> _EXERCISE REQUIREMENTS_
Of all the lines below, output only those starting at the one with "#1213 = EDGE_CURVE" and ending at the one with "#1774 = PLANE", both ends included, exactly as written.

Extracted records
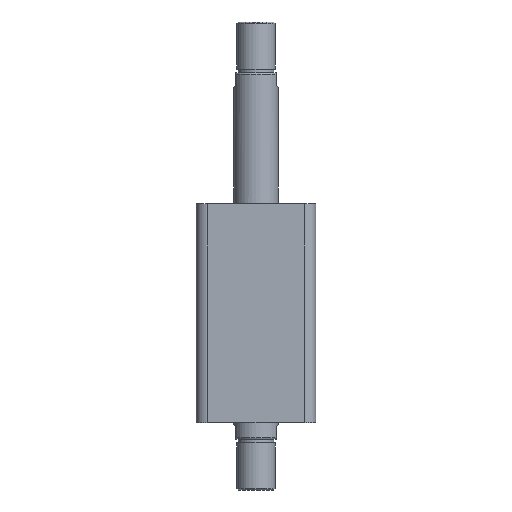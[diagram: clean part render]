
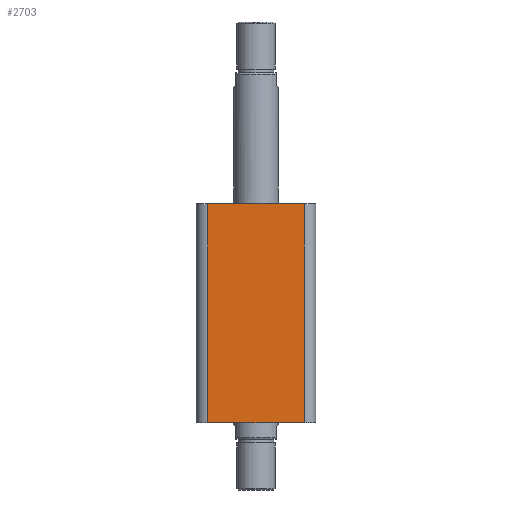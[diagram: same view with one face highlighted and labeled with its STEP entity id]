
A CAD part, front view. The second image highlights one B-rep face of the part: STEP entity #2703.
In plain terms, the highlighted planar face has unit normal (0, -1, 0).
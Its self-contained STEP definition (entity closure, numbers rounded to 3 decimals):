
#397 = ORIENTED_EDGE ( 'NONE', *, *, #1211, .F. ) ;
#398 = ORIENTED_EDGE ( 'NONE', *, *, #1212, .T. ) ;
#399 = ORIENTED_EDGE ( 'NONE', *, *, #1213, .T. ) ;
#400 = ORIENTED_EDGE ( 'NONE', *, *, #1214, .T. ) ;
#570 = EDGE_LOOP ( 'NONE', ( #397, #398, #399, #400 ) ) ;
#758 = VERTEX_POINT ( 'NONE', #3382 ) ;
#847 = VERTEX_POINT ( 'NONE', #2788 ) ;
#848 = VERTEX_POINT ( 'NONE', #2778 ) ;
#849 = VERTEX_POINT ( 'NONE', #2786 ) ;
#995 = LINE ( 'NONE', #2095, #1008 ) ;
#1001 = LINE ( 'NONE', #2114, #1004 ) ;
#1003 = LINE ( 'NONE', #2116, #1006 ) ;
#1004 = VECTOR ( 'NONE', #2115, 1000. ) ;
#1006 = VECTOR ( 'NONE', #2117, 1000. ) ;
#1007 = LINE ( 'NONE', #2119, #1010 ) ;
#1008 = VECTOR ( 'NONE', #2118, 1000. ) ;
#1010 = VECTOR ( 'NONE', #2120, 1000. ) ;
#1211 = EDGE_CURVE ( 'NONE', #758, #847, #1001, .T. ) ;
#1212 = EDGE_CURVE ( 'NONE', #758, #848, #1003, .T. ) ;
#1213 = EDGE_CURVE ( 'NONE', #848, #849, #995, .T. ) ;
#1214 = EDGE_CURVE ( 'NONE', #849, #847, #1007, .T. ) ;
#1772 = CARTESIAN_POINT ( 'NONE',  ( -47., -47., 172. ) ) ;
#1774 = PLANE ( 'NONE',  #2510 ) ;
#1776 = DIRECTION ( 'NONE',  ( 0., 1., 0. ) ) ;
#1777 = DIRECTION ( 'NONE',  ( 0., 0., 1. ) ) ;
#2095 = CARTESIAN_POINT ( 'NONE',  ( -47., -47., 0. ) ) ;
#2114 = CARTESIAN_POINT ( 'NONE',  ( -47., -47., 172. ) ) ;
#2115 = DIRECTION ( 'NONE',  ( 1., 0., 0. ) ) ;
#2116 = CARTESIAN_POINT ( 'NONE',  ( -38., -47., 172. ) ) ;
#2117 = DIRECTION ( 'NONE',  ( 0., 0., -1. ) ) ;
#2118 = DIRECTION ( 'NONE',  ( 1., 0., 0. ) ) ;
#2119 = CARTESIAN_POINT ( 'NONE',  ( 38., -47., 172. ) ) ;
#2120 = DIRECTION ( 'NONE',  ( 0., 0., 1. ) ) ;
#2510 = AXIS2_PLACEMENT_3D ( 'NONE', #1772, #1776, #1777 ) ;
#2703 = ADVANCED_FACE ( 'NONE', ( #3090 ), #1774, .F. ) ;
#2778 = CARTESIAN_POINT ( 'NONE',  ( -38., -47., 0. ) ) ;
#2786 = CARTESIAN_POINT ( 'NONE',  ( 38., -47., 0. ) ) ;
#2788 = CARTESIAN_POINT ( 'NONE',  ( 38., -47., 172. ) ) ;
#3090 = FACE_OUTER_BOUND ( 'NONE', #570, .T. ) ;
#3382 = CARTESIAN_POINT ( 'NONE',  ( -38., -47., 172. ) ) ;

> _SOLUTION TO THE PROBLEM_
#1213 = EDGE_CURVE ( 'NONE', #848, #849, #995, .T. ) ;
#1214 = EDGE_CURVE ( 'NONE', #849, #847, #1007, .T. ) ;
#1772 = CARTESIAN_POINT ( 'NONE',  ( -47., -47., 172. ) ) ;
#1774 = PLANE ( 'NONE',  #2510 ) ;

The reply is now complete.